这一下,侍女们都急了,几个都跪倒在她脚下:“小,小姐,千万等爷回来再说……若是爷回来了找不到您,奴婢,奴婢们……”

“……”安明儿试图耐心地道,“我只是回平阳去了,并不是逃了,你们爷是知道的。”

但这几个侍女只是跪着不断地求,说什么也不让安明儿走。

最终无奈,安明儿只得答应她们暂时留下来。问过院子里有小厮,她便写了一封信去给柳睿,让他若是得空就回来一趟,若是不得空,她等到中午,想先回去了。
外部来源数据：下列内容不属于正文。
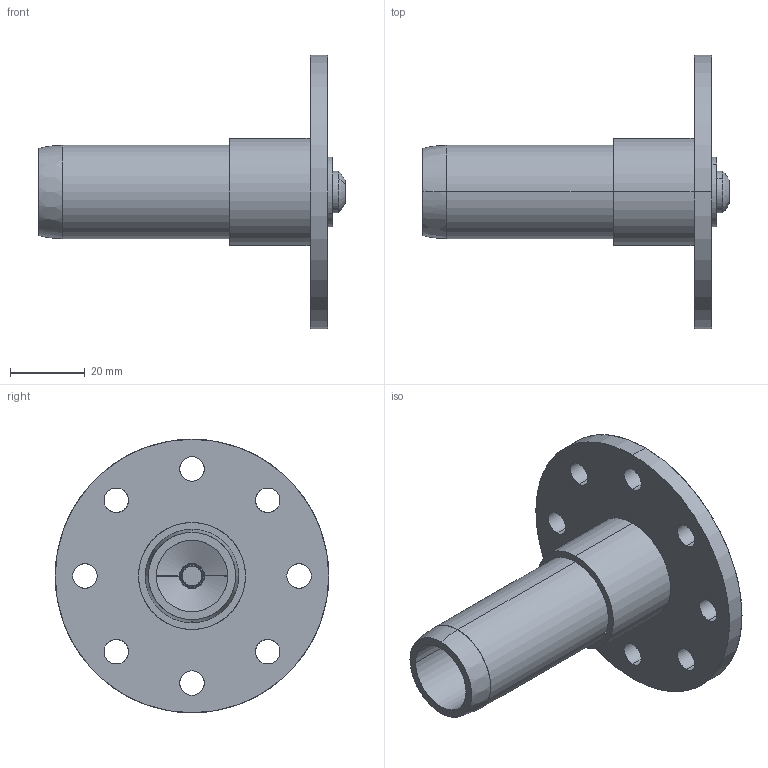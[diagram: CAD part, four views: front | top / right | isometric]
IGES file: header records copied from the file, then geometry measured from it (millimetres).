
Start section: SolidWorks IGES file using analytic representation for surfaces
Global section: file name: \\SERVER3\Design\_New Design Drive Folder List\_Design Vault\AAI\Modular Round Tube Connectors\Solidworks Models\STP Files\12202013\1.000 Inch Modular Connectors\Assemblies\1 Inch 8 Hole Keyed Disc Kit.IGS; native system: SolidWorks 2013; preprocessor: SolidWorks 2013; author: tbraun; date: 140110.113631; units: inch
Bounding box: 81.78 x 73.03 x 73.03 mm (x, y, z)
Surface area: 22108.9 mm2 (no closed solid volume)
Topology: 0 solids, 0 shells, 232 faces, 3353 edges, 3353 vertices
Faces by surface type: revolution 184, bspline 48

柳睿就在大中午的时候回来了。似乎是冒雨回来的,将蓑衣递给侍女,眉毛微微拧着。

安明儿本来在软塌上看书,这下忙站起来迎上去:“表哥……”

“怎么好端端地又要走?”他似乎有些不满,从侍女手里接过热茶,喝了一口,便让她们退下了。

安明儿踮着脚替他整理被雨水弄乱的头发,低声道:“我得回平阳去了。你这府里的侍女说什么都不肯让我走……”

他把她的手拉下来,吓了她一跳。未免再吓到她,他偏过头,去榻上捡她刚刚看的那本书来翻,一边状似无意那般又问了一句:“怎么突然想回去了?”

安明儿觉得有点不对劲,她试探性地轻声道:“酒楼也忙……还有我最近新买了一个花场,这两天下大雨的,花工都被调出来了,我得回去看看。”

闻言,他的反应是长长的沉默。半晌,他出了一口气,道:“原来是这样,我倒是忘了的……”

安明儿松了一口气,只当他是忙昏头了,走过去坐在他身边,道:“那批货怎么样了?”

柳睿的手一伸,搂着她睡在了榻上,自己用手垫着头,闭上了眼睛:“大棚已经搭好了,但是有有些压损。”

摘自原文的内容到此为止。